### WORK TO COMPLETE
When you transcribe the entries below, begin at their first line and stop after the line containing "Designer: KYOUNG IL JANG"; pictures stay out.

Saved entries
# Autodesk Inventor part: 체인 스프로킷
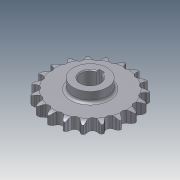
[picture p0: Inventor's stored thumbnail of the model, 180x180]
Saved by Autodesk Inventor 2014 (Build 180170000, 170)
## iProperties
Created: 2013-01
Part Number: 체인 스프로킷
Material: 강
Document SubType Name: Modeling
Designer: KYOUNG IL JANG
Density: 1 g/cm^3
Appearance: 강철
CustomPartVersion: 1
Company: 한국ATC센터
Author: KYOUNG IL JANG
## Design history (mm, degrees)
sketch "이론적 톱니 프로파일"
  geometry: L1 (0, 0)-(0, 45.567); L2 (0, 0)-(14.795, 43.098); L3 (0, 45.567)-(14.795, 43.098); L4 (0, 45.567)-(5.661, 50.015); L5 (5.661, 50.015)-(-5.141, 45.406); L6 (-12.428, 43.493)-(-5.573, 46.417); L7 (-5.141, 45.406)-(-5.573, 46.417); L8 (5.573, 46.417)-(5.141, 45.406); L9 (0, 0)-(8.138, 48.771); A1 r 45.567 centre (0, 0) between (0, 45.567) and (14.795, 43.098); A2 r 49.445 centre (0, 0) between (7.302, 48.903) and (-7.302, 48.903); A3 r 4.545 centre (0, 45.567) between (-3.574, 42.758) and (3.574, 42.758); A4 r 7.453 centre (12.428, 43.493) between (7.302, 48.903) and (5.573, 46.417); A5 r 7.453 centre (-12.428, 43.493) between (-5.573, 46.417) and (-7.302, 48.903); A6 r 11.745 centre (5.661, 50.015) between (-5.141, 45.406) and (-3.574, 42.758); A7 r 11.745 centre (-5.661, 50.015) between (3.574, 42.758) and (5.141, 45.406); 2 further points
  constraints: 18 end point, 15 point on circle, 7 centre point, 3 coincident, 3 point on line, 3 symmetric about line, 3 tangent, 1 equal radius, 1 midpoint, 1 parallel, 1 vertical, 1 other
  dimensions: "d0" = 91.13301 diameter of A1 (computed from da_p, da_z); "d2" = 18.9474 deg angle of L2 L1 (computed from da_z); "d3" = 4.545 radius of A3 (= 0.5 x da_Dr + da_SC); "d10" = 128.158 deg angle of L4 L1 (computed from da_z); "d11" = 15.0526 deg angle of L5 L4 (computed from da_z); "d12" = 7.2 distance of L3.start L4.end (= 0.8 x da_Dr); "d13" = 11.745 distance of L4.end L5.end (= 1.3 x da_Dr + da_SC); "d14" = 12.6 distance of A4.centre L1.end (= 1.4 x da_Dr); "d23" = 4.5 distance from line of L9.end L3 (= da_Ha)
sketch "톱니 프로파일"
  geometry: L1 (0, 0)-(0, 45.567); L2 (0, 45.567)-(4.203, 43.837); L3 (0, 45.567)-(-4.203, 43.837); A1 r 4.545 centre (0, 45.567) between (-4.203, 43.837) and (4.203, 43.837); A2 r 22.68 centre (25.176, 35.206) between (7.12, 48.93) and (4.203, 43.837); A3 r 22.68 centre (-25.176, 35.206) between (-4.203, 43.837) and (-7.12, 48.93); A4 r 49.445 centre (0, 0) between (-7.12, 48.93) and (7.12, 48.93) reference; 1 further point
  constraints: 9 point on circle, 6 end point, 3 centre point, 2 tangent, 1 coincident, 1 equal radius, 1 vertical, 1 other
  dimensions: "d44" = 135.263 deg angle of L3 L2 (= da_Alfa); "d45" = 22.68 radius of A2 (= da_Re); "d46" = 4.545 radius of A1 (= da_Ri)
sketch "단면 프로파일"
  geometry: L1 (49.445, 0)-(-49.445, 0) reference; L2 (33.265, 6.65)-(-33.265, 6.65); L3 (-33.265, 6.65)-(-33.265, -6.65); L4 (-33.265, -6.65)-(33.265, -6.65); L5 (33.265, -6.65)-(33.265, 6.65); L6 (33.265, 6.65)-(49.445, 6.65); L7 (49.445, 6.65)-(49.445, -6.65); L8 (49.445, -6.65)-(33.265, -6.65); L9 (33.265, -6.65)-(33.265, 6.65); L10 (42.183, 6.65)-(0, 6.65); L11 (0, 6.65)-(0, -6.65); L12 (0, -6.65)-(42.183, -6.65); L13 (0, 6.65)-(0, -6.65); L14 (49.445, 4.775)-(49.445, -4.775); A1 r 15 centre (42.183, -8.35) between (49.445, 4.775) and (42.183, 6.65); A2 r 15 centre (42.183, 8.35) between (42.183, -6.65) and (49.445, -4.775); 2 further points
  constraints: 26 end point, 7 midpoint, 5 perpendicular, 4 parallel, 4 point on circle, 3 point on line, 3 symmetric about line, 2 centre point, 2 horizontal, 2 tangent, 1 collinear, 1 other
  dimensions: "d30" = 13.3 distance between parallel lines of L8 L6 (= da_Bf); "d31" = 66.53007 distance between parallel lines of L3 L5 (= da_Ds); "d32" = 13.3 distance between parallel lines of L4 L2 (= da_Bs); "d33" = 1.875 distance from line of L14.start L6 (= da_Ba); "d34" = 15 radius of A1 (= da_Rx); "d43" = 6.65 distance between parallel lines of L4 L1 (computed from da_k, da_pt, da_Bs)
revolve "슈라우드" stored, may be unused: angle "d36" = 90 deg
revolve "스트랜드" stored, may be unused: angle "d37" = 90 deg
extrude "이론적 톱니" cut sketch "이론적 톱니 프로파일" stored distance "d18" = 10; taper "d19" = 0 deg; dims "d49" = 0, "form_type" = 0 [user parameter]
extrude "톱니" cut sketch "톱니 프로파일" stored distance "d47" = 10; taper "d48" = 0 deg; dims "d50" = 10, "form_type" = 0 [user parameter]
node "타이밍 평면"
node "작업 평면3"
sketch "스케치5"
  geometry: C1 r 20 at (0, -45.567); 1 further point
  constraints: 1 centre point, 1 coincident
  dimensions: "d52" = 40 diameter of C1
extrude "돌출4" join sketch "스케치5" stored distance "d53" = 10; taper "d54" = 0 deg
sketch "스케치6"
  geometry: L1 (3, 10.583)-(3, 13.8); L2 (3, 13.8)-(-3, 13.8); L3 (-3, 13.8)-(-3, 10.583); A1 r 11 centre (0, 0) between (3, 10.583) and (-3, 10.583); 1 further point
  constraints: 6 end point, 2 parallel, 2 point on circle, 1 centre point, 1 coincident, 1 perpendicular, 1 vertical
  dimensions: "d55" = 22 diameter of A1; "d56" = 24.8 dimension on A1 L2 (computed from d55); "d57" = 6 distance of L1.end L2.end
extrude "돌출5" cut sketch "스케치6" stored distance "d58" = 10; taper "d59" = 0 deg
fillet "모깎기2" dims "d60" = 3
chamfer "모따기1" distance "d61" = 1; stored, may be unused: second distance "d62" = 2, angle "d63" = 45 deg
body "Solid1"
pattern_linear "스트랜드 패턴" dims "d40" = 24 (= da_pt)
pattern_circular "톱니 패턴" dims angle "d21" = 360 deg
other parameters: "da_p" = 15 [user parameter; used in 1 equation term], "da_Dr" = 9 [user parameter; used in 4 equation terms], "da_SC" = 0.045 [user parameter; used in 2 equation terms], "da_Ha" = 4.5 [user parameter; used in 1 equation term], "da_pt" = 24 [user parameter; used in 2 equation terms], "da_Bf" = 13.3 [user parameter; used in 1 equation term], "d28" = 0, "d29" = 0, "da_Ba" = 1.875 [user parameter; used in 1 equation term], "da_Rx" = 15 [user parameter; used in 1 equation term], "da_Ra" = 0.6 [user parameter], "da_Bs" = 13.3 [user parameter; used in 2 equation terms], "da_Ds" = 66.53007 [user parameter; used in 1 equation term], "d42" = 0, "da_Re" = 22.68 [user parameter; used in 1 equation term], "da_Ri" = 4.545 [user parameter; used in 1 equation term], "da_Alfa" = 135.263 deg [user parameter; used in 1 equation term], "d51" = -25

### TASK RESPONSE
# Autodesk Inventor part: 체인 스프로킷
[picture p0: Inventor's stored thumbnail of the model, 180x180]
Saved by Autodesk Inventor 2014 (Build 180170000, 170)
## iProperties
Created: 2013-01
Part Number: 체인 스프로킷
Material: 강
Document SubType Name: Modeling
Designer: KYOUNG IL JANG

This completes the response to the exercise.